Help with strtok() in C

Started by
1 comment, last by Serapth 12 years, 6 months ago
I keep getting access violations. Can anyone see what I'm doing wrong? I'm trying to split up a first and last name separated by a space character.

[source]
char buffer[128], firstName[64], lastName[64];
char token = 0;

scanf("%s", buffer);
fflush(stdin);

token = strtok(buffer, " ");

if (token) {
strcpy(firstName, token);

token = strtok(0, " ");

if (token)
strcpy(lastName, token);
else
strcpy(lastName, "\0");
} else {
strcpy(firstName, "\0";
}
[/source]
Advertisement
There are a few things.

First off, that code doesn't even compile.

Line 2 should be a char*.

Line 19 is missing a closing parenthesis.

That gets it to compile.


Next, line 4 doesn't do what you think it does.

It is extremely difficult to make scanf() a safe function to use. It will stop after the first whitespace (space, newline, tab, etc.) The scanf family can leave stuff in the input stream. And finally, it is very easy to have a buffer overrun. If someone just pushed a single letter 128 times it could crash your program (or worse).

That means if you enter two words like "Bob Felton", only "Bob" would be stored in your string.

You need to use something like if( fgets( buffer, 128, stdin) != NULL) { ... }

I assume that is why you have the fflush() on line 5, since you have likely left stdin in an unexpected state in line 4.

Lines 10 and 15 could cause buffer overruns if your strings are longer than expected.

Finally, since this is a code snippit from a larger program, know that strtok() modifies your string as it goes along. If your buffer was originally "Bob Felton", it will now be the string "Bob" since that was the first token.
Not hardened by any means....



#include <stdio.h>
#include <string.h>

int main(int argc, char* argv[])
{
char byteBuffer[100];

char *firstName, *lastName;

if(fgets(byteBuffer,100, stdin) == NULL)
return -42;


firstName = strtok(byteBuffer," ");
lastName = strtok(NULL," ");

printf("FirstName: %s LastName: %s",firstName, lastName);
return 0;
}




As frob said, strtok is destructive, so the value in byteBuffer isn't what you think it is at this point.

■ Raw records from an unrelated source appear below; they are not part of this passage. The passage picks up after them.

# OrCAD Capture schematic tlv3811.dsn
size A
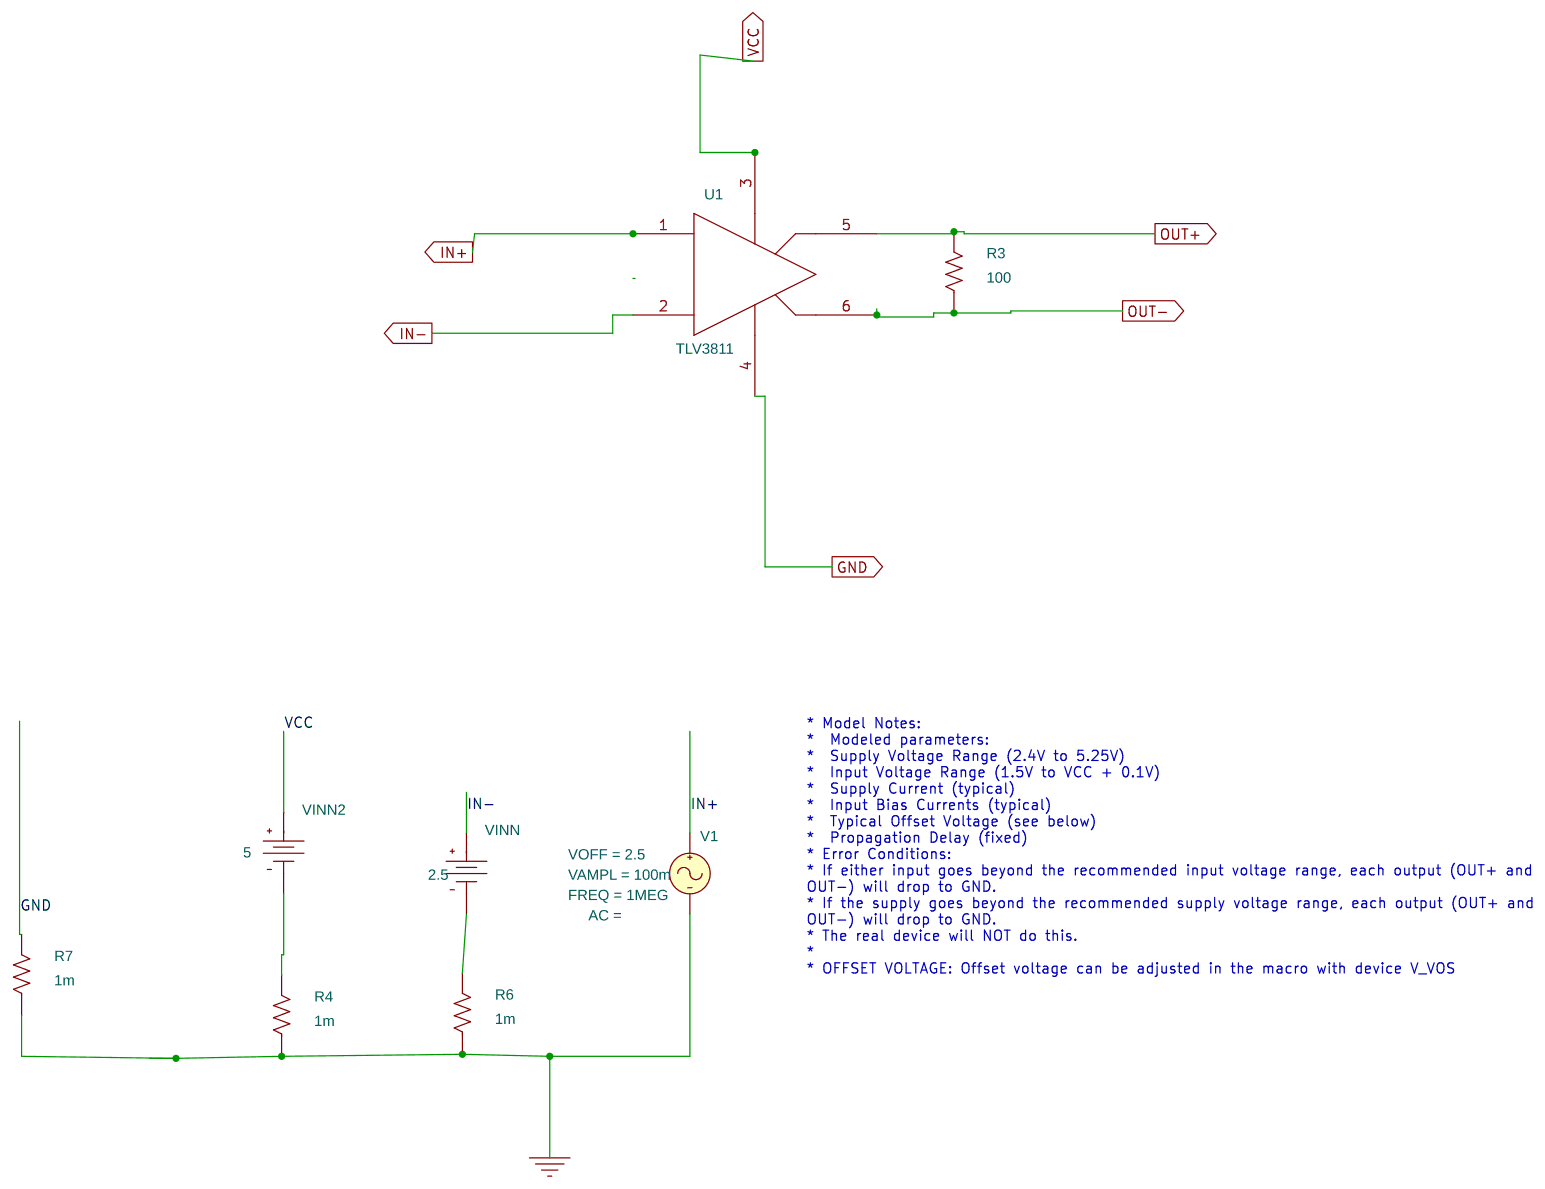
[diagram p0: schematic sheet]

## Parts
R3  100  [AXRC05]
R4  1m  [AXRC05]
R6  1m  [AXRC05]
R7  1m  [AXRC05]
U1  TLV3811
V1  VSIN
VINN  VDC
VINN2  VDC

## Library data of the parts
R3 R4 R6 R7 = R
U1 = TLV3811
V1 = VSIN: FREQ: 1MEG; VAMPL: 100m; VOFF: 2.5
VINN = VDC: DC: 2.5
VINN2 = VDC: DC: 5

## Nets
GND: R7.2 U1.4(GND)
VCC: U1.3(VCC) VINN2.0(+)
0: R4.1 R6.1 R7.1 V1.2(-)
IN+: U1.1(IN+) V1.1(+)
IN-: U1.2(IN-) VINN.0(+)
OUT+: R3.2 U1.5(OUT+)
OUT-: R3.1 U1.6(OUT-)
N858336: R4.2 VINN2.1(-)
N858380: R6.2 VINN.1(-)

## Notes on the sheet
- * Model Notes:
  *  Modeled parameters:
  *  Supply Voltage Range (2.4V to 5.25V)
  *  Input Voltage Range (1.5V to VCC + 0.1V)
  *  Supply Current (typical)
  *  Input Bias Currents (typical)
  *  Typical Offset Voltage (see below)
  *  Propagation Delay (fixed)
  * Error Conditions:
  * If either input goes beyond the recommended input voltage range, each output (OUT+ and
  OUT-) will drop to GND.
  * If the supply goes beyond the recommended supply voltage range, each output (OUT+ and
  OUT-) will drop to GND.
  * The real device will NOT do this.
  *
  * OFFSET VOLTAGE: Offset voltage can be adjusted in the macro with device V_VOS

EDIT: Keep in mind, strtok only returns a pointer to a position in already allocated memory, in our case byteBuffer. If you don't implicitly copy the value returned by strtok to newly malloc'd memory, it will become undefined behavior once byteBuffer goes out of scope.

Also, you would probably be better served using the non-destructive strchr to accomplish what you are doing?

Also, is there a really good reason you are using straight C in the first place? String manipulation in C blows, big time. Even C++ is a vast improvement.

EDIT2: If you are wondering "hey, if strtok modifies my data, how is it I can continue to point at it and get valid results???". Good question grasshopper! What strtok does is replace the deliminators specified in strtok will null terminators, so if your string was "hi there mike" and you choose " " as your deliminator, your string gets modified to "hi\0there\0mike". If this modification is ok, go for it, but if you don't want the source string modified, use strchr.

strtok is also not thread safe, I believe.

This topic is closed to new replies.